Source records
──────────────────────────────

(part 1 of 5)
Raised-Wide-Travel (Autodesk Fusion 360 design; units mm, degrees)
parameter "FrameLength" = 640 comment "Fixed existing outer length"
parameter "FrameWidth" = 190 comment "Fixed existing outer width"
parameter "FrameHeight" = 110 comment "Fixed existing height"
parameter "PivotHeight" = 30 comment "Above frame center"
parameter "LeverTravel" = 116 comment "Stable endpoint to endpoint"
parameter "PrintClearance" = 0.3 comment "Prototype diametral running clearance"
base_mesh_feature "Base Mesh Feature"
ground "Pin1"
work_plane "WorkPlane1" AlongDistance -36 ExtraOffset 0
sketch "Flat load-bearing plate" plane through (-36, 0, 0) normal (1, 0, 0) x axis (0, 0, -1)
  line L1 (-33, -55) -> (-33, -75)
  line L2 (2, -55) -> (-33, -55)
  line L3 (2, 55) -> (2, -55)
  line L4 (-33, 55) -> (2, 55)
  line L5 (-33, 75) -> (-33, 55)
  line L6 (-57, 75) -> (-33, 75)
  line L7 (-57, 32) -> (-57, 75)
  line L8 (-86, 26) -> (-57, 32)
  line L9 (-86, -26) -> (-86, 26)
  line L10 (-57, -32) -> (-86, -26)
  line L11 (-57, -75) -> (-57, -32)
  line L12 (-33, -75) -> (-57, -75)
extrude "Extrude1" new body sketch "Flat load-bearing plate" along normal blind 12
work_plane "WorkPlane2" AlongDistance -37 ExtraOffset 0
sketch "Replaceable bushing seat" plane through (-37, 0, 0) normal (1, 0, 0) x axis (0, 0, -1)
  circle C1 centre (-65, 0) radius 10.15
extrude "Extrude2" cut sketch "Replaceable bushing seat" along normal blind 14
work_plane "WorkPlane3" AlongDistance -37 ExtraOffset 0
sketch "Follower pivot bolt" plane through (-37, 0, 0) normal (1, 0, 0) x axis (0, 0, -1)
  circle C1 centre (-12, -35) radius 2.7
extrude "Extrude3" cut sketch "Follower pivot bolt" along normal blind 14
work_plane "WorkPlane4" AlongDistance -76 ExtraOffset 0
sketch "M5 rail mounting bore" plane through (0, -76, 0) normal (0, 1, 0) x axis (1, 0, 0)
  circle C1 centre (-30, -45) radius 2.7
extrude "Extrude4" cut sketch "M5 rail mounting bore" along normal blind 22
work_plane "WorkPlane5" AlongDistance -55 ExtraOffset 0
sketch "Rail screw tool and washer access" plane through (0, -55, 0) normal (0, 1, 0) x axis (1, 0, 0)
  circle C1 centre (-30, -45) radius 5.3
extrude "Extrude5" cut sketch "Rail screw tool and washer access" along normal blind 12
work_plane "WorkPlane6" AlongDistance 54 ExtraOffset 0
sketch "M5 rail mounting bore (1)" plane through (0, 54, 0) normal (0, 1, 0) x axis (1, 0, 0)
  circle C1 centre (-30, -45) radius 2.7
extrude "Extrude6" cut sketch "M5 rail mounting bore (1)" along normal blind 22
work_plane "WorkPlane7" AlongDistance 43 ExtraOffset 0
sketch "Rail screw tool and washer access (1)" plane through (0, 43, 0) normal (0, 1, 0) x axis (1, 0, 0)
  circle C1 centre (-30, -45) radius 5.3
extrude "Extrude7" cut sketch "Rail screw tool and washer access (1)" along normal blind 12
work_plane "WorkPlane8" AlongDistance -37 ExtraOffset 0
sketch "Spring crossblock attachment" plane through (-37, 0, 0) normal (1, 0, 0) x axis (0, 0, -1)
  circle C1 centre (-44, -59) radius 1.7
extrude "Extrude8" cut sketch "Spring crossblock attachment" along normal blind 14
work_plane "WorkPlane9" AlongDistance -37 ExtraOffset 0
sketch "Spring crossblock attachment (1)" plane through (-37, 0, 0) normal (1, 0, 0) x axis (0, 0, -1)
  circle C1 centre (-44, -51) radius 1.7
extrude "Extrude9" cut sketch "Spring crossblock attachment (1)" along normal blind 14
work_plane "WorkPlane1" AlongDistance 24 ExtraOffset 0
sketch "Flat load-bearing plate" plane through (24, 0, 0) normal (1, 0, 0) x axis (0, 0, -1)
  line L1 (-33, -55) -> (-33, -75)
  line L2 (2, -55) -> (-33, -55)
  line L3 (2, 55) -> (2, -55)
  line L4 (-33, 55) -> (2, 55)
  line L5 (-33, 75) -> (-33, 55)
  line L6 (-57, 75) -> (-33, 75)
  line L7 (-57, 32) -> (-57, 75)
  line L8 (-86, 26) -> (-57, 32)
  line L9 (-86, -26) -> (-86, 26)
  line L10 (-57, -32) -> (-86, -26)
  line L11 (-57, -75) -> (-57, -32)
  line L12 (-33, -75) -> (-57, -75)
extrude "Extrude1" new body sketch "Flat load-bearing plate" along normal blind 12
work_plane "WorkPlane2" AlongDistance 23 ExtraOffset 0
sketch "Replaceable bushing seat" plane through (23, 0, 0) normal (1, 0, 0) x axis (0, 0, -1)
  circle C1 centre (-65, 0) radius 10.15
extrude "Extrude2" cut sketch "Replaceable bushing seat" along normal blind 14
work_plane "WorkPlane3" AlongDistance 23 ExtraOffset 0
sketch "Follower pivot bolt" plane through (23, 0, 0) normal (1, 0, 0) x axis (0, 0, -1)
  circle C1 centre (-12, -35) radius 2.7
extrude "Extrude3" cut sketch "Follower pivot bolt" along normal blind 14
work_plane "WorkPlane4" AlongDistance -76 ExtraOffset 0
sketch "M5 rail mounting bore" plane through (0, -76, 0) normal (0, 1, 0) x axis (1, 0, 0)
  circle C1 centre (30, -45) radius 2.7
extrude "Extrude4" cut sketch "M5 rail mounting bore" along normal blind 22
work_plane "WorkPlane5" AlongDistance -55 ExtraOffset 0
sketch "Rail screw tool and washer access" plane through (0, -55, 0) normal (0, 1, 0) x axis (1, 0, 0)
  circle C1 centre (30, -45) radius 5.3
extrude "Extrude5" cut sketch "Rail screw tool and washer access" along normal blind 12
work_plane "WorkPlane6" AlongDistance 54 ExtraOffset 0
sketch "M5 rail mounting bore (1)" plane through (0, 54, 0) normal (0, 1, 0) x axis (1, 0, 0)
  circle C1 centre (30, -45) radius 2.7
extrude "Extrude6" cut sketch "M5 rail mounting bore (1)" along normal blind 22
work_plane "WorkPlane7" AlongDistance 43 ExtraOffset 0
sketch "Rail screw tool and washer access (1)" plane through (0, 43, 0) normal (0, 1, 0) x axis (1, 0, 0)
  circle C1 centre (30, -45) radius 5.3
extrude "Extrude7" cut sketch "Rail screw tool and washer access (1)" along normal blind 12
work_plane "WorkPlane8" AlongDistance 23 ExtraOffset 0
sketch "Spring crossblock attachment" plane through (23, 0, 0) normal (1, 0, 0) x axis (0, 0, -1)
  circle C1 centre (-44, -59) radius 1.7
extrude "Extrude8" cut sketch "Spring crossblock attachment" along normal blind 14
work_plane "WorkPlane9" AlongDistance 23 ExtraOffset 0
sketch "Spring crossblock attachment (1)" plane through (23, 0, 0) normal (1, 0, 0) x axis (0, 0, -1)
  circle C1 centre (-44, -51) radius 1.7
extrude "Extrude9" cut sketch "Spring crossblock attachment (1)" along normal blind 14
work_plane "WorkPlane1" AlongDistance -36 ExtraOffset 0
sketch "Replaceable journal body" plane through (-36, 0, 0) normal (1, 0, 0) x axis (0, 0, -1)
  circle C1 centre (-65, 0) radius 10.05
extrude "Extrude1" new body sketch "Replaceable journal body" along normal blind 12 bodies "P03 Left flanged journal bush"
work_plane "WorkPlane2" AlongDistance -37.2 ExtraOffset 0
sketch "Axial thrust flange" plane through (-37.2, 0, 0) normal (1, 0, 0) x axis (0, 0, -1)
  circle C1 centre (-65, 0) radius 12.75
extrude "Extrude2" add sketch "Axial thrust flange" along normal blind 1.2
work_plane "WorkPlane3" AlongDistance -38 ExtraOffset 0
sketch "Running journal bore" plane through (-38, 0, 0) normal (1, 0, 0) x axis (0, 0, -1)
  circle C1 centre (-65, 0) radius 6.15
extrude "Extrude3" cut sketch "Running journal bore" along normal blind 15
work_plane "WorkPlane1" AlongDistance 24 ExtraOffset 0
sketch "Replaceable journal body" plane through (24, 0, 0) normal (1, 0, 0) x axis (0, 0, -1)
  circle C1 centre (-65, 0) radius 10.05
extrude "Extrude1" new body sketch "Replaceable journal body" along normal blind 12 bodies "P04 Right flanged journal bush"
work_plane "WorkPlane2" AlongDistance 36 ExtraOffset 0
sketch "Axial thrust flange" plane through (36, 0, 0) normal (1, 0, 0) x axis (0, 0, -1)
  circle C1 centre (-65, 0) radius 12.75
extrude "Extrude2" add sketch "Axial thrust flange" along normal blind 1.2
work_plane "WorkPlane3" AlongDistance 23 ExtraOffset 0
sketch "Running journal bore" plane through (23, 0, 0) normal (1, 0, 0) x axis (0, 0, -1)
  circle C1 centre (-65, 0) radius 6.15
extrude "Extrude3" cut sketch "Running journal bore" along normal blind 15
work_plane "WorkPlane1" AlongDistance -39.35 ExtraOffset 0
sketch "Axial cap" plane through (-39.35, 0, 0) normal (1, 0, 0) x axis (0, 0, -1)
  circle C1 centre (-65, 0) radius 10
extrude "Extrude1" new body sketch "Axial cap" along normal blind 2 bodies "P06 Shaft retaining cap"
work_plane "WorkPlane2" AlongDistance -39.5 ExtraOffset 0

──────────────────────────────

* **Task to complete**: Make a list of all lines in the data that contain "bolt".

* **The answer**:
sketch "Follower pivot bolt" plane through (-37, 0, 0) normal (1, 0, 0) x axis (0, 0, -1)
extrude "Extrude3" cut sketch "Follower pivot bolt" along normal blind 14
sketch "Follower pivot bolt" plane through (23, 0, 0) normal (1, 0, 0) x axis (0, 0, -1)
extrude "Extrude3" cut sketch "Follower pivot bolt" along normal blind 14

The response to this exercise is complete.